*Work order*
Give back every record below word for word, with the pictures omitted.

[[ Entries provided, beginning ]]

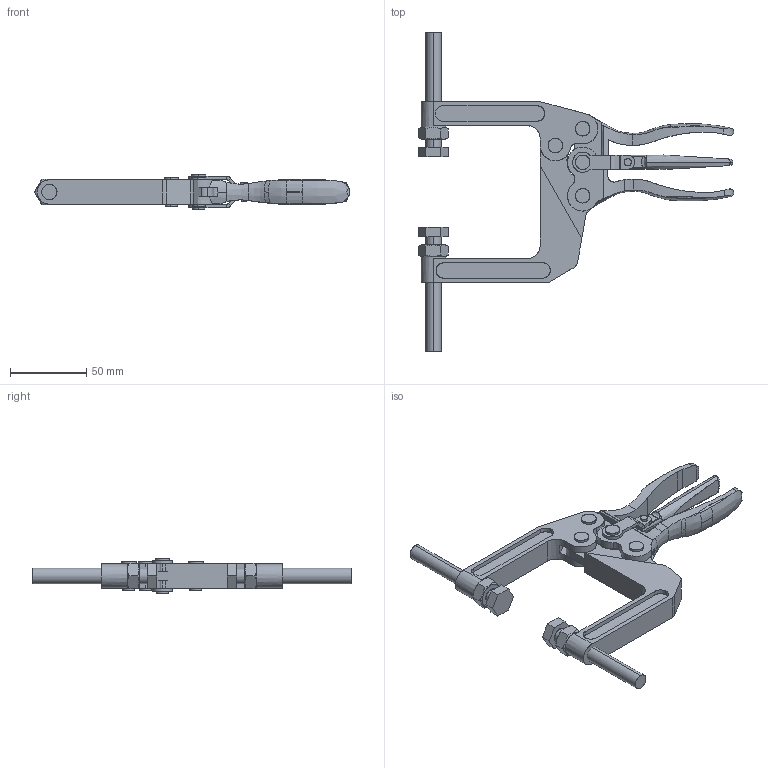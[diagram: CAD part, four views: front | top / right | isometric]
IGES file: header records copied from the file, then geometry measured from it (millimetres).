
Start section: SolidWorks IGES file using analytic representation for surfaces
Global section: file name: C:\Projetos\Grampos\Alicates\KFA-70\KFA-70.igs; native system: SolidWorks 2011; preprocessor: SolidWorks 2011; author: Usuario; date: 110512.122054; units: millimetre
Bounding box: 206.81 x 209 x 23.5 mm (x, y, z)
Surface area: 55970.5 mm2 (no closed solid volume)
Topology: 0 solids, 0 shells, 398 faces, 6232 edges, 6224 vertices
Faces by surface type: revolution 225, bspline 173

[[ Entries provided, end ]]

*Answer area*
[diagram: CAD part, four views: front | top / right | isometric]
IGES file: header records copied from the file, then geometry measured from it (millimetres).
Start section: SolidWorks IGES file using analytic representation for surfaces
Global section: file name: C:\Projetos\Grampos\Alicates\KFA-70\KFA-70.igs; native system: SolidWorks 2011; preprocessor: SolidWorks 2011; author: Usuario; date: 110512.122054; units: millimetre
Bounding box: 206.81 x 209 x 23.5 mm (x, y, z)
Surface area: 55970.5 mm2 (no closed solid volume)
Topology: 0 solids, 0 shells, 398 faces, 6232 edges, 6224 vertices
Faces by surface type: revolution 225, bspline 173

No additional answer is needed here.